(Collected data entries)
# # # # #
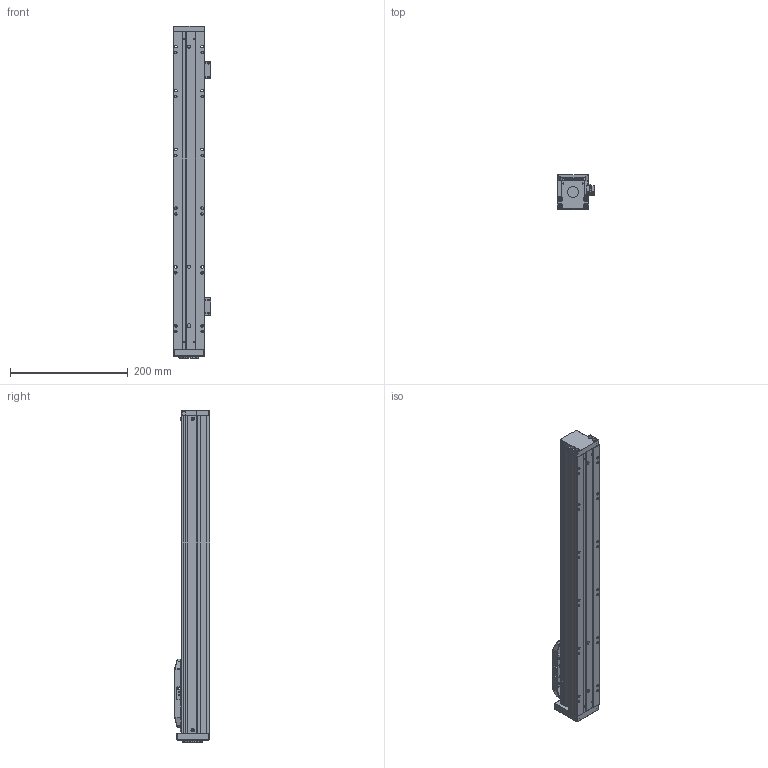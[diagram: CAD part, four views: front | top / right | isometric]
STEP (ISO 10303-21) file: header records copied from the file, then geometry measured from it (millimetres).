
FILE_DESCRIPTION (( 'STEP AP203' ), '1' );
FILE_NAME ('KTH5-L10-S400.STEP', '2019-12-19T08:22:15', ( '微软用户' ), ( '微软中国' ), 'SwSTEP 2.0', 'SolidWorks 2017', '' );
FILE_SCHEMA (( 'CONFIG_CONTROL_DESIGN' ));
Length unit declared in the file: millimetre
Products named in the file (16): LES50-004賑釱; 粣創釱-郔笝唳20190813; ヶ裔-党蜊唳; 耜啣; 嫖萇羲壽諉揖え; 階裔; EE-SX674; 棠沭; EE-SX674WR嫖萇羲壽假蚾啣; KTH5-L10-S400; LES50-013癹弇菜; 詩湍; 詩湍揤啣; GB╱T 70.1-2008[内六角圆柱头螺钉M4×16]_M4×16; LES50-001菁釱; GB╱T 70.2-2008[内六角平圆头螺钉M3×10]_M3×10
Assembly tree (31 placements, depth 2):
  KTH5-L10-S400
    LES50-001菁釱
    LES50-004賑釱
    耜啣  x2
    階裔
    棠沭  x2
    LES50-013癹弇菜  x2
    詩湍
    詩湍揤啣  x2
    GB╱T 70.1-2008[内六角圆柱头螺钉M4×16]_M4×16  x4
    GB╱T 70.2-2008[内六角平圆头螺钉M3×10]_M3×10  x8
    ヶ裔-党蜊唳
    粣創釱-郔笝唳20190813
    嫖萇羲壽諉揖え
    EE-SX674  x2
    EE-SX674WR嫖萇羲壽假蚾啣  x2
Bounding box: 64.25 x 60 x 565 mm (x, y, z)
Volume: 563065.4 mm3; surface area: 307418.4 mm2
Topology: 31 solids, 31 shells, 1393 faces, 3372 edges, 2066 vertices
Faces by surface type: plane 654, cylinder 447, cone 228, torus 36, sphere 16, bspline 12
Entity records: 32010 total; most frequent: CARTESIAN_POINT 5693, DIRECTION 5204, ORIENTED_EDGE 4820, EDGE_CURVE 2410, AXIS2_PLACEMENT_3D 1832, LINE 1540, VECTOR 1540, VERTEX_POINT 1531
# # # # #
Task goal: Any pictures are to be skipped, and the lines from the beginning of the entries through the line with "Faces by surface" copied exactly.

Written reply:
[diagram: CAD part, four views: front | top / right | isometric]
STEP (ISO 10303-21) file: header records copied from the file, then geometry measured from it (millimetres).
FILE_DESCRIPTION (( 'STEP AP203' ), '1' );
FILE_NAME ('KTH5-L10-S400.STEP', '2019-12-19T08:22:15', ( '微软用户' ), ( '微软中国' ), 'SwSTEP 2.0', 'SolidWorks 2017', '' );
FILE_SCHEMA (( 'CONFIG_CONTROL_DESIGN' ));
Length unit declared in the file: millimetre
Products named in the file (16): LES50-004賑釱; 粣創釱-郔笝唳20190813; ヶ裔-党蜊唳; 耜啣; 嫖萇羲壽諉揖え; 階裔; EE-SX674; 棠沭; EE-SX674WR嫖萇羲壽假蚾啣; KTH5-L10-S400; LES50-013癹弇菜; 詩湍; 詩湍揤啣; GB╱T 70.1-2008[内六角圆柱头螺钉M4×16]_M4×16; LES50-001菁釱; GB╱T 70.2-2008[内六角平圆头螺钉M3×10]_M3×10
Assembly tree (31 placements, depth 2):
  KTH5-L10-S400
    LES50-001菁釱
    LES50-004賑釱
    耜啣  x2
    階裔
    棠沭  x2
    LES50-013癹弇菜  x2
    詩湍
    詩湍揤啣  x2
    GB╱T 70.1-2008[内六角圆柱头螺钉M4×16]_M4×16  x4
    GB╱T 70.2-2008[内六角平圆头螺钉M3×10]_M3×10  x8
    ヶ裔-党蜊唳
    粣創釱-郔笝唳20190813
    嫖萇羲壽諉揖え
    EE-SX674  x2
    EE-SX674WR嫖萇羲壽假蚾啣  x2
Bounding box: 64.25 x 60 x 565 mm (x, y, z)
Volume: 563065.4 mm3; surface area: 307418.4 mm2
Topology: 31 solids, 31 shells, 1393 faces, 3372 edges, 2066 vertices
Faces by surface type: plane 654, cylinder 447, cone 228, torus 36, sphere 16, bspline 12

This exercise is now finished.